▶ _TASK DIRECTIONS_:
Count every line below containing "REINFORCEMENT"; state the number only.

▶ _DATA SHOWN_:
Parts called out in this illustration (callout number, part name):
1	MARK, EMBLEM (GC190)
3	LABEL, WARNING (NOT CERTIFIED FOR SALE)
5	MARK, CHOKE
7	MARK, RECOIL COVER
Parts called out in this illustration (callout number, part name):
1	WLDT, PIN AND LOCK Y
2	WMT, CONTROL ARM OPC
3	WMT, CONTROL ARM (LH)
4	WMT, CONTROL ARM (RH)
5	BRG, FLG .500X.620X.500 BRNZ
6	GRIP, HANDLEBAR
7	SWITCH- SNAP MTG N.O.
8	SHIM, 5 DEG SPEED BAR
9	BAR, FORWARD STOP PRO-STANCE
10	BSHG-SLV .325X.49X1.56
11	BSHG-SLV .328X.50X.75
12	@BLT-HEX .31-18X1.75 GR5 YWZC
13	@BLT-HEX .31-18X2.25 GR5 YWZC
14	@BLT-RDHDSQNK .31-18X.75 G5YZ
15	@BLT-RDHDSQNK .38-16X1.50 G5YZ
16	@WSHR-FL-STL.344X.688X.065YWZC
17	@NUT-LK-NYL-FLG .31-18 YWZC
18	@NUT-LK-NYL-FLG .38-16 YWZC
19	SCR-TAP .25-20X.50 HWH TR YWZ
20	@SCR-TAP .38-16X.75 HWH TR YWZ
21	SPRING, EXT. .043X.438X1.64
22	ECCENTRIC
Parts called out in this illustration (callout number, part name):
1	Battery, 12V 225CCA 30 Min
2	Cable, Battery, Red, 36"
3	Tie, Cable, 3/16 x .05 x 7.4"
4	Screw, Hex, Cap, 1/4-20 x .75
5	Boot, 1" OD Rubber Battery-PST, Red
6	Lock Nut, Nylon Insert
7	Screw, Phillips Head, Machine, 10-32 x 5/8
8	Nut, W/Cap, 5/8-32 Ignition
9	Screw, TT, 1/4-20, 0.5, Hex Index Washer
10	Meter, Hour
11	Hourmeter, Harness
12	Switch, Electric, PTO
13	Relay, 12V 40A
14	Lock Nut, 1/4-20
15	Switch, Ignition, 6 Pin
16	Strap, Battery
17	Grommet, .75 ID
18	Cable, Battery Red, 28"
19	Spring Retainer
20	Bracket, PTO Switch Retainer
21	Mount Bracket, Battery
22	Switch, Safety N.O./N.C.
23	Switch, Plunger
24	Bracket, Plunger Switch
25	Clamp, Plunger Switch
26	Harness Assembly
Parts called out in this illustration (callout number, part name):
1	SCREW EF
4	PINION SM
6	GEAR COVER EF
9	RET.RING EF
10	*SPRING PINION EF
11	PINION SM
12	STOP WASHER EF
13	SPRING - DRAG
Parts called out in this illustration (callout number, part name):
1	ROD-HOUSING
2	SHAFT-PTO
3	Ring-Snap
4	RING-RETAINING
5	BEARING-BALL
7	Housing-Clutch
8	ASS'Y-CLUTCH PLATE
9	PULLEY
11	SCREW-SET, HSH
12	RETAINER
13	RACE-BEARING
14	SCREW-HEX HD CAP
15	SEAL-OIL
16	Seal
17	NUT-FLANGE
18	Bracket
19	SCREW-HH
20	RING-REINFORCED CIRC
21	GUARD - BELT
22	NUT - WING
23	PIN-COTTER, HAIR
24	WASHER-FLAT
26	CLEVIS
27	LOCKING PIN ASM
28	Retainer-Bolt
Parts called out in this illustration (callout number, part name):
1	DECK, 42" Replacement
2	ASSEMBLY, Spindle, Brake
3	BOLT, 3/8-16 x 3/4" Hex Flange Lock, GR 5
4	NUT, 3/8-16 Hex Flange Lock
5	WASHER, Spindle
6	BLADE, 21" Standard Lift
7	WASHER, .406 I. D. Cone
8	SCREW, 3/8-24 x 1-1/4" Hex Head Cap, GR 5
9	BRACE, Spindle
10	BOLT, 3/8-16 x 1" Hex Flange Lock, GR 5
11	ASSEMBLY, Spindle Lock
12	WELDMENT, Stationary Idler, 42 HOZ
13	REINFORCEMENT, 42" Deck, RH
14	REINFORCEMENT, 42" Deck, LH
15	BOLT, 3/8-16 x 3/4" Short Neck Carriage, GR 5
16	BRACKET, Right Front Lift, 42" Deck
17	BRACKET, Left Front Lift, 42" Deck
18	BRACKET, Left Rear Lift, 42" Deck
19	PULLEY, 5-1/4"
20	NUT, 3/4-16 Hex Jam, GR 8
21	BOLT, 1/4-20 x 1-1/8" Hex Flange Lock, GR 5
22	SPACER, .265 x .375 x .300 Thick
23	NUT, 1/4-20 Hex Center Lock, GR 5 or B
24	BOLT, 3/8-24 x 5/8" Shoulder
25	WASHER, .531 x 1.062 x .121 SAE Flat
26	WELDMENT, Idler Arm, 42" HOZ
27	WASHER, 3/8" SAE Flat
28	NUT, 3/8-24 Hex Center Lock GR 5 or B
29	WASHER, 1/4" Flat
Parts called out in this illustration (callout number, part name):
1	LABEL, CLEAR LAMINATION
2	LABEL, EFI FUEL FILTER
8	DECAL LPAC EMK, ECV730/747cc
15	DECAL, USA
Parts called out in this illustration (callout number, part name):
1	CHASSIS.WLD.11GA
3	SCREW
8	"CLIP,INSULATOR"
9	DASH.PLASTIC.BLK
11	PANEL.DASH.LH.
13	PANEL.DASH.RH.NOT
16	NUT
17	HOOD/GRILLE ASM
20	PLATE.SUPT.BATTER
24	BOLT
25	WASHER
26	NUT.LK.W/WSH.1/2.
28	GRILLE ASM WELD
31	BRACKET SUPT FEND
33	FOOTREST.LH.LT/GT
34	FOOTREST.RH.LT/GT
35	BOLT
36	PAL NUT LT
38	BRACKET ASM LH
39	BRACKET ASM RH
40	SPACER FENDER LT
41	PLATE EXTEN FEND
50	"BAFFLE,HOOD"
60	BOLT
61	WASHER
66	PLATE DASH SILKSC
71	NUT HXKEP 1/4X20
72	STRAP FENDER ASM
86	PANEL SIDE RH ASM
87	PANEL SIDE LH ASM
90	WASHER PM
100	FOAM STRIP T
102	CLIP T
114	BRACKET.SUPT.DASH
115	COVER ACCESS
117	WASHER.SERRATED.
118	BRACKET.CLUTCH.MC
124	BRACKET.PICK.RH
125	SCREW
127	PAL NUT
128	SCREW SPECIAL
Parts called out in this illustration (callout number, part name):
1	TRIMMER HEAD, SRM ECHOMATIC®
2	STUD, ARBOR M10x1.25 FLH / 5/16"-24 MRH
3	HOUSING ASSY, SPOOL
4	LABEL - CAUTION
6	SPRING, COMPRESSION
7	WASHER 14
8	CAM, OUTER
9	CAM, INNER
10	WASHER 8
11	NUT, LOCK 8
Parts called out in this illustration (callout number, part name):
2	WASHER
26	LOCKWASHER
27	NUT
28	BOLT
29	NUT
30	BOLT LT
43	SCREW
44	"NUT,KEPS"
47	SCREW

▶ _SOLUTION TO THIS PROBLEM_:
2